– Нет, не надо… А не знаешь, нынче ночью пытали? – быстро спросил Штааль.
– Вероятно, брат, больше, нежели вероятно. Эти живодёры работают без отдыха. Теперь отсюда каждую ночь разных человечков отправляют с правежным листом куда надо и не надо. В такие кибитки зашивают, внизу маленькое отверстие, так и везёт фельдъегерь отсюда в Сибирь, а кого везёт, не знает. Они называются б е з ы м я н н ы е.
– Да кто же они?
– Разные бывают, люди худой нравственности, крамольщики и возмутители. Всё государь подозревает заговор…
– А нынче кого пытали?
– Да ты, моншер, за кого меня считаешь? Ты вправду, кажется, думаешь что я здесь распоряжаюсь? Почём мне знать? Смотри, благодари Бога (ну без скромности, и меня немного можешь поблагодарить), благодари Бога, что отсюда ноги унёс. Теперь ни за что пропасть – всё одно что плюнуть. Прежде дворян и духовных редко пытали. А теперь и с нами не шутят. Ведь полковника Грузинова насмерть засекли… А пастор Зейдер, слышал?.. Кнутом приказано было драть за то, что немецкие книжки без цензуры получал. Нет, – право, безобразие, – говорил убедительно Иванчук, точно это все оспаривали. – И книги самые, можно сказать, невинные. Открывай ворота, кобылья голова! – сердито закричал он на сторожа.

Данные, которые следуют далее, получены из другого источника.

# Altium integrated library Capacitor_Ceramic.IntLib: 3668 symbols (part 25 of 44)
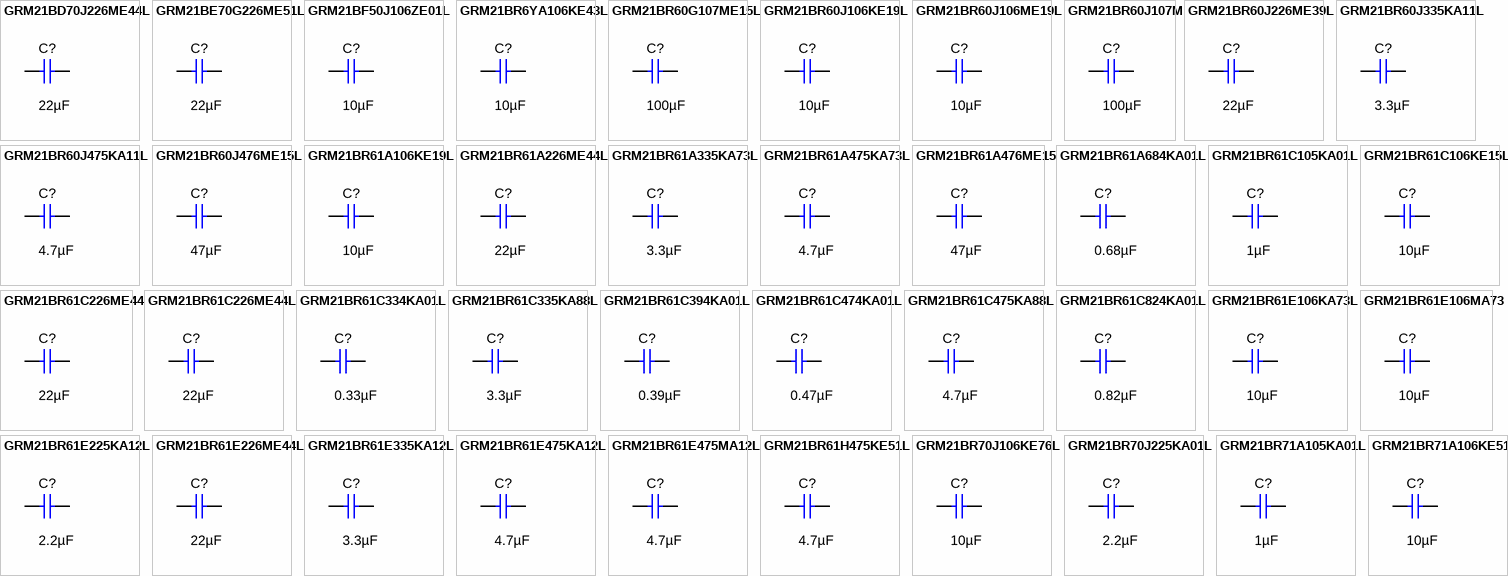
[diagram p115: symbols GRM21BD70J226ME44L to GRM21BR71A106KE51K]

## GRM21BR61C394KA01L
designator C?  ValueDisplayed: 0.39µF  (hidden comment: GRM21BR61C394KA01L)
CAP, CERM, 0.39 µF, 16 V,+/- 10%, X5R, 0805; Manufacturer: MuRata; Polarized: N; CompType: Capacitor; Value: 0.39uF; U/M: EA; Cap_F: 0.00000039; Tolerance_%: 10; VDC_V: 16; Value2: 16V; TaMin_C: -55; TaMax_C: 85; Cap_Case: 0805; SizeArea_mm2: 2.5; SizeAreaWB_mm2: 6.75; SizeX_mm: 2; SizeY_mm: 1.25; SizeZ_mm: 1.45; AEC Category: Q200
signal-integrity model Cap
simulation model Cap
footprint 0805_HV
footprint 0805_HV1
footprint 0805
footprint 0805M
footprint 0805L
pins: 1, 2

## GRM21BR61C474KA01L
designator C?  ValueDisplayed: 0.47µF  (hidden comment: GRM21BR61C474KA01L)
CAP, CERM, 0.47 µF, 16 V,+/- 10%, X5R, 0805; Manufacturer: MuRata; Polarized: N; CompType: Capacitor; Value: 0.47uF; U/M: EA; Cap_F: 0.00000047; Tolerance_%: 10; VDC_V: 16; Value2: 16V; TaMin_C: -55; TaMax_C: 85; Cap_Case: 0805; SizeArea_mm2: 2.5; SizeAreaWB_mm2: 6.75; SizeX_mm: 2; SizeY_mm: 1.25; SizeZ_mm: 1.45; AEC Category: Q200
signal-integrity model Cap
simulation model Cap
footprint 0805_HV
footprint 0805_HV1
footprint 0805
footprint 0805M
footprint 0805L
pins: 1, 2

## GRM21BR61C475KA88L
designator C?  ValueDisplayed: 4.7µF  (hidden comment: GRM21BR61C475KA88L)
CAP, CERM, 4.7 µF, 16 V,+/- 10%, X5R, 0805; Manufacturer: MuRata; Polarized: N; CompType: Capacitor; Value: 4.7uF; U/M: EA; Cap_F: 0.0000047; Tolerance_%: 10; ESR_ohm: 0.005; Value1: 0.005 ohm; VDC_V: 16; Value2: 16V; TaMin_C: -55; TaMax_C: 85; Cap_Case: 0805; SizeArea_mm2: 2.5; SizeAreaWB_mm2: 6.75; SizeX_mm: 2; SizeY_mm: 1.25; SizeZ_mm: 1.45; AEC Category: Q200; Green_Lifecycle: Active; Green_REACh: Passed
signal-integrity model Cap
simulation model Cap
footprint 0805_HV
footprint 0805_HV1
footprint 0805
footprint 0805M
footprint 0805L
pins: 1, 2

## GRM21BR61C824KA01L
designator C?  ValueDisplayed: 0.82µF  (hidden comment: GRM21BR61C824KA01L)
CAP, CERM, 0.82 µF, 16 V,+/- 10%, X5R, 0805; Manufacturer: MuRata; Polarized: N; CompType: Capacitor; Value: 0.82uF; U/M: EA; Cap_F: 0.00000082; Tolerance_%: 10; VDC_V: 16; Value2: 16V; TaMin_C: -55; TaMax_C: 85; Cap_Case: 0805; SizeArea_mm2: 2.5; SizeAreaWB_mm2: 6.75; SizeX_mm: 2; SizeY_mm: 1.25; SizeZ_mm: 1.45; AEC Category: Q200
signal-integrity model Cap
simulation model Cap
footprint 0805_HV
footprint 0805_HV1
footprint 0805
footprint 0805M
footprint 0805L
pins: 1, 2

## GRM21BR61E106KA73L
designator C?  ValueDisplayed: 10µF  (hidden comment: GRM21BR61E106KA73L)
CAP, CERM, 10 µF, 25 V,+/- 10%, X5R, 0805; Manufacturer: MuRata; Polarized: N; CompType: Capacitor; Value: 10uF; U/M: EA; Cap_F: 0.00001; Tolerance_%: 10; VDC_V: 25; Value2: 25V; TaMin_C: -55; TaMax_C: 85; Cap_Case: 0805; SizeArea_mm2: 2.5; SizeAreaWB_mm2: 6.75; SizeX_mm: 2; SizeY_mm: 1.25; SizeZ_mm: 1.45; AEC Category: Q200; Green_Lifecycle: Active; Green_REACh: Passed
signal-integrity model Cap
simulation model Cap
footprint 0805_HV
footprint 0805_HV1
footprint 0805
footprint 0805M
footprint 0805L
pins: 1, 2

## GRM21BR61E106MA73
designator C?  ValueDisplayed: 10µF  (hidden comment: GRM21BR61E106MA73)
CAP, CERM, 10 µF, 25 V,+/- 20%, X5R, 0805; Manufacturer: MuRata; Polarized: N; CompType: Capacitor; Value: 10uF; U/M: EA; Cap_F: 0.00001; Tolerance_%: 20; VDC_V: 25; Value2: 25V; TaMin_C: -55; TaMax_C: 85; Cap_Case: 0805; SizeArea_mm2: 2.5; SizeAreaWB_mm2: 6.75; SizeX_mm: 2; SizeY_mm: 1.25; SizeZ_mm: 1.45; AEC Category: Q200
signal-integrity model Cap
simulation model Cap
footprint 0805_HV
footprint 0805_HV1
footprint 0805
footprint 0805M
footprint 0805L
pins: 1, 2

## GRM21BR61E225KA12L
designator C?  ValueDisplayed: 2.2µF  (hidden comment: GRM21BR61E225KA12L)
CAP, CERM, 2.2 µF, 25 V,+/- 10%, X5R, 0805; Manufacturer: MuRata; Polarized: N; CompType: Capacitor; Value: 2.2uF; U/M: EA; Cap_F: 0.0000022; Tolerance_%: 10; ESR_ohm: 0.008; Value1: 0.008 ohm; VDC_V: 25; Value2: 25V; TaMin_C: -55; TaMax_C: 85; Cap_Case: 0805; SizeArea_mm2: 2.5; SizeAreaWB_mm2: 6.75; SizeX_mm: 2; SizeY_mm: 1.25; SizeZ_mm: 1.45; AEC Category: Q200; Green_Lifecycle: Active; Green_REACh: Passed
signal-integrity model Cap
simulation model Cap
footprint 0805_HV
footprint 0805_HV1
footprint 0805
footprint 0805M
footprint 0805L
pins: 1, 2

## GRM21BR61E226ME44L
designator C?  ValueDisplayed: 22µF  (hidden comment: GRM21BR61E226ME44L)
CAP, CERM, 22 µF, 25 V,+/- 20%, X5R, 0805; Manufacturer: MuRata; Polarized: N; CompType: Capacitor; Value: 22uF; U/M: EA; Cap_F: 0.000022; Tolerance_%: 20; VDC_V: 25; Value2: 25V; TaMin_C: -55; TaMax_C: 85; Cap_Case: 0805; SizeArea_mm2: 2.5; SizeAreaWB_mm2: 6.75; SizeX_mm: 2; SizeY_mm: 1.25; SizeZ_mm: 1.45; AEC Category: Q200; Green_Lifecycle: Active; Green_REACh: Passed
signal-integrity model Cap
simulation model Cap
footprint 0805_HV
footprint 0805_HV1
footprint 0805
footprint 0805M
footprint 0805L
pins: 1, 2

## GRM21BR61E335KA12L
designator C?  ValueDisplayed: 3.3µF  (hidden comment: GRM21BR61E335KA12L)
CAP, CERM, 3.3 µF, 25 V,+/- 10%, X5R, 0805; Manufacturer: MuRata; Polarized: N; CompType: Capacitor; Value: 3.3uF; U/M: EA; Cap_F: 0.0000033; Tolerance_%: 10; VDC_V: 25; Value2: 25V; TaMin_C: -55; TaMax_C: 85; Cap_Case: 0805; SizeArea_mm2: 2.5; SizeAreaWB_mm2: 6.75; SizeX_mm: 2; SizeY_mm: 1.25; SizeZ_mm: 1.45; AEC Category: Q200
signal-integrity model Cap
simulation model Cap
footprint 0805_HV
footprint 0805_HV1
footprint 0805
footprint 0805M
footprint 0805L
pins: 1, 2

## GRM21BR61E475KA12L
designator C?  ValueDisplayed: 4.7µF  (hidden comment: GRM21BR61E475KA12L)
CAP, CERM, 4.7 µF, 25 V,+/- 10%, X5R, 0805; Manufacturer: MuRata; Polarized: N; CompType: Capacitor; Value: 4.7uF; U/M: EA; Cap_F: 0.0000047; Tolerance_%: 10; ESR_ohm: 0.004; Value1: 0.004 ohm; VDC_V: 25; Value2: 25V; TaMin_C: -55; TaMax_C: 85; Cap_Case: 0805; SizeArea_mm2: 2.5; SizeAreaWB_mm2: 6.75; SizeX_mm: 2; SizeY_mm: 1.25; SizeZ_mm: 1.45; AEC Category: Q200; Green_Lifecycle: Active; Green_REACh: Passed
signal-integrity model Cap
simulation model Cap
footprint 0805_HV
footprint 0805_HV1
footprint 0805
footprint 0805M
footprint 0805L
pins: 1, 2

## GRM21BR61E475MA12L
designator C?  ValueDisplayed: 4.7µF  (hidden comment: GRM21BR61E475MA12L)
CAP, CERM, 4.7 µF, 25 V,+/- 20%, X5R, 0805; Manufacturer: MuRata; Polarized: N; CompType: Capacitor; Value: 4.7uF; U/M: EA; Cap_F: 0.0000047; Tolerance_%: 20; ESR_ohm: 0.002; Value1: 0.002 ohm; VDC_V: 25; Value2: 25V; IRMS_A: 7.29; TaMin_C: -55; TaMax_C: 125; Cap_Case: 0805; SizeArea_mm2: 2.5; SizeAreaWB_mm2: 6.75; SizeX_mm: 2; SizeY_mm: 1.25; SizeZ_mm: 1.45; AEC Category: Q200; Green_Lifecycle: Active; Green_REACh: Passed
signal-integrity model Cap
simulation model Cap
footprint 0805_HV
footprint 0805_HV1
footprint 0805
footprint 0805M
footprint 0805L
pins: 1, 2

## GRM21BR61H475KE51L
designator C?  ValueDisplayed: 4.7µF  (hidden comment: GRM21BR61H475KE51L)
CAP, CERM, 4.7 µF, 50 V,+/- 10%, X5R, 0805; Manufacturer: MuRata; Polarized: N; CompType: Capacitor; Value: 4.7uF; U/M: EA; Cap_F: 0.0000047; Tolerance_%: 10; VDC_V: 50; Value2: 50V; TaMin_C: -55; TaMax_C: 85; Cap_Case: 0805; SizeArea_mm2: 2.5; SizeAreaWB_mm2: 6.75; SizeX_mm: 2; SizeY_mm: 1.25; SizeZ_mm: 1.45; AEC Category: Q200
signal-integrity model Cap
simulation model Cap
footprint 0805_HV
footprint 0805_HV1
footprint 0805
footprint 0805M
footprint 0805L
pins: 1, 2

## GRM21BR70J106KE76L
designator C?  ValueDisplayed: 10µF  (hidden comment: GRM21BR70J106KE76L)
CAP, CERM, 10 µF, 6.3 V,+/- 10%, X7R, 0805; Manufacturer: MuRata; Polarized: N; CompType: Capacitor; Value: 10uF; U/M: EA; Cap_F: 0.00001; Tolerance_%: 10; VDC_V: 6.3; Value2: 6.3V; TaMin_C: -55; TaMax_C: 125; Cap_Case: 0805; SizeArea_mm2: 2.5; SizeAreaWB_mm2: 6.75; SizeX_mm: 2; SizeY_mm: 1.25; SizeZ_mm: 1.45; AEC Category: Q200; Green_Lifecycle: Active; Green_REACh: Passed
signal-integrity model Cap
simulation model Cap
footprint 0805_HV
footprint 0805_HV1
footprint 0805
footprint 0805M
footprint 0805L
pins: 1, 2

## GRM21BR70J225KA01L
designator C?  ValueDisplayed: 2.2µF  (hidden comment: GRM21BR70J225KA01L)
CAP, CERM, 2.2 µF, 6.3 V,+/- 10%, X7R, 0805; Manufacturer: MuRata; Polarized: N; CompType: Capacitor; Value: 2.2uF; U/M: EA; Cap_F: 0.0000022; Tolerance_%: 10; VDC_V: 6.3; Value2: 6.3V; TaMin_C: -55; TaMax_C: 125; Cap_Case: 0805; SizeArea_mm2: 2.5; SizeAreaWB_mm2: 6.75; SizeX_mm: 2; SizeY_mm: 1.25; SizeZ_mm: 1.45; AEC Category: Q200
signal-integrity model Cap
simulation model Cap
footprint 0805_HV
footprint 0805_HV1
footprint 0805
footprint 0805M
footprint 0805L
pins: 1, 2

## GRM21BR71A105KA01L
designator C?  ValueDisplayed: 1µF  (hidden comment: GRM21BR71A105KA01L)
CAP, CERM, 1 µF, 10 V,+/- 10%, X7R, 0805; Manufacturer: MuRata; Polarized: N; CompType: Capacitor; Value: 1uF; U/M: EA; Cap_F: 0.000001; Tolerance_%: 10; ESR_ohm: 0.007; Value1: 0.007 ohm; Value2: 10V; TaMin_C: -55; TaMax_C: 125; Cap_Case: 0805; SizeArea_mm2: 2.5; SizeAreaWB_mm2: 6.75; SizeX_mm: 2; SizeY_mm: 1.25; SizeZ_mm: 1.45; AEC Category: Q200
signal-integrity model Cap
simulation model Cap
footprint 0805_HV
footprint 0805_HV1
footprint 0805
footprint 0805M
footprint 0805L
pins: 1, 2

## GRM21BR71A106KE51K
designator C?  ValueDisplayed: 10µF  (hidden comment: GRM21BR71A106KE51K)
CAP, CERM, 10 µF, 10 V,+/- 10%, X7R, 0805; Manufacturer: MuRata; Polarized: N; CompType: Capacitor; Value: 10uF; U/M: EA; Cap_F: 0.00001; Tolerance_%: 10; Value2: 10V; TaMin_C: -55; TaMax_C: 125; Cap_Case: 0805; SizeArea_mm2: 2.5; SizeAreaWB_mm2: 6.75; SizeX_mm: 2; SizeY_mm: 1.25; SizeZ_mm: 1.45; AEC Category: Q200; Green_Lifecycle: Active; Green_REACh: Passed
signal-integrity model Cap
simulation model Cap
footprint 0805_HV
footprint 0805_HV1
footprint 0805
footprint 0805M
footprint 0805L
pins: 1, 2

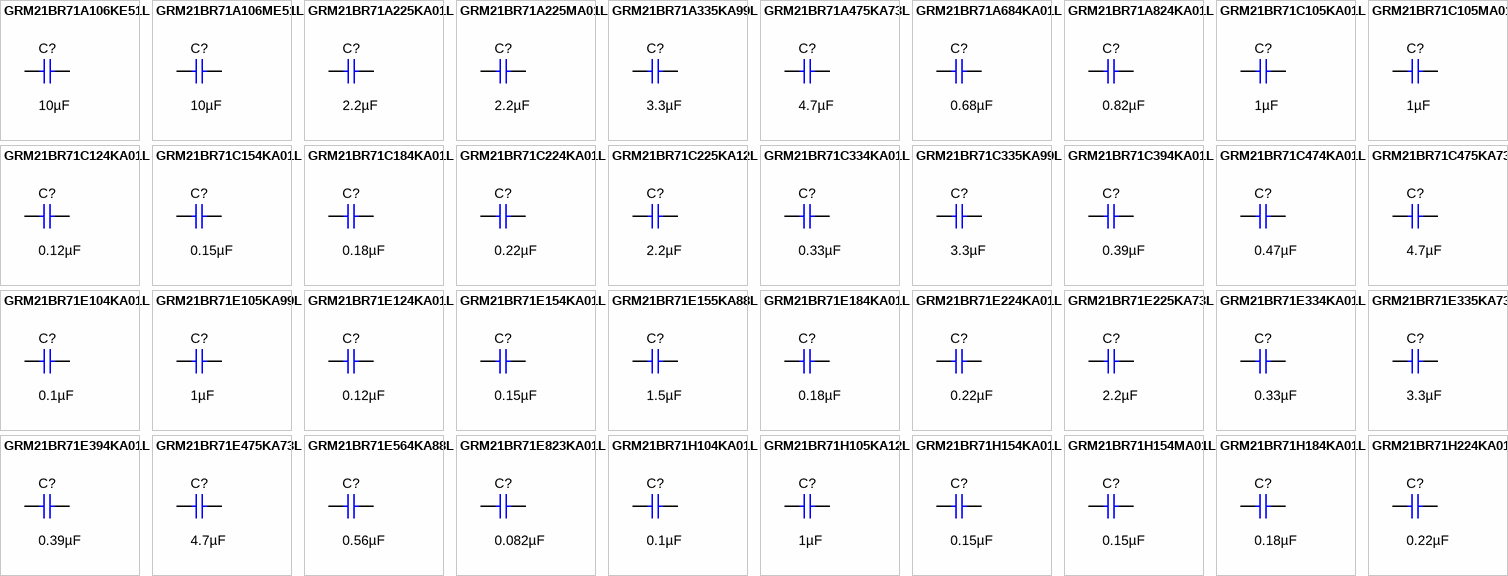
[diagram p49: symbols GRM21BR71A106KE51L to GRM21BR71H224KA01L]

## GRM21BR71A106KE51L
designator C?  ValueDisplayed: 10µF  (hidden comment: GRM21BR71A106KE51L)
CAP, CERM, 10 µF, 10 V,+/- 10%, X7R, 0805; Manufacturer: MuRata; Polarized: N; CompType: Capacitor; Value: 10uF; U/M: EA; Cap_F: 0.00001; Tolerance_%: 10; ESR_ohm: 0.003; Value1: 0.003 ohm; Value2: 10V; TaMin_C: -55; TaMax_C: 125; Cap_Case: 0805; SizeArea_mm2: 2.5; SizeAreaWB_mm2: 6.75; SizeX_mm: 2; SizeY_mm: 1.25; SizeZ_mm: 1.45; AEC Category: Q200; Green_Lifecycle: Active; Green_REACh: Passed
signal-integrity model Cap
simulation model Cap
footprint 0805_HV
footprint 0805_HV1
footprint 0805
footprint 0805M
footprint 0805L
pins: 1, 2

## GRM21BR71A106ME51L
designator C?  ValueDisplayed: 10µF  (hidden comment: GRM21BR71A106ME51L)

Старик сторож положил на скамью кулёк с семечками, отодвинул запоры, равнодушно отпер и тотчас же запер за вышедшими тяжёлые ворота, от скрипа которых невольно поморщился Штааль. Отойдя немного от ворот, расчувствовавшийся Иванчук обнял Штааля, поздравляя его, и хотел расцеловаться с ним по-русски, трижды. Но поцеловал только один раз: Штааль энергично высвободился из его объятий:
– Прощай, прощай…
– Деньги в бане не потеряй, красавец, – отеческим тоном закричал ему вдогонку Иванчук.
VI
Час был неурочный. В чистой, удобно и хорошо обставленной (как весь дом военного губернатора) приёмной никого не было. Чиновник, вежливый и деловитый, попросил Штааля подождать – его сиятельство скоро освободится. Штааль заметил небрежно в ответ, что ему совершенно не к спеху. Это замечание было не очень уместно, но все мысли Штааля спутались. Он был чрезвычайно утомлён. Из бани он успел съездить домой, спрятал золото и переоделся. Теперь Штааль с наслаждением ощущал только то, что по нём не ползают насекомые. Ему хотелось спать. Впечатления последних двух дней сказались в нём лишь большой усталостью. Он не думал ни о прошлом, ни о будущем. Его даже не очень теперь занимало, для чего он понадобился военному губернатору Петербурга. Лишь бы скорее кончилось ещё и это. В тёмном углу приёмной стоял большой диван; Штааль думал, что хорошо было бы лечь, сняв сапоги и натиравший шею, наспех завязанный, галстух. Он уселся в кресло у стены под канделябром и едва не заснул. Из соседнего кабинета доносились голоса. Разобрать слова было, однако, невозможно.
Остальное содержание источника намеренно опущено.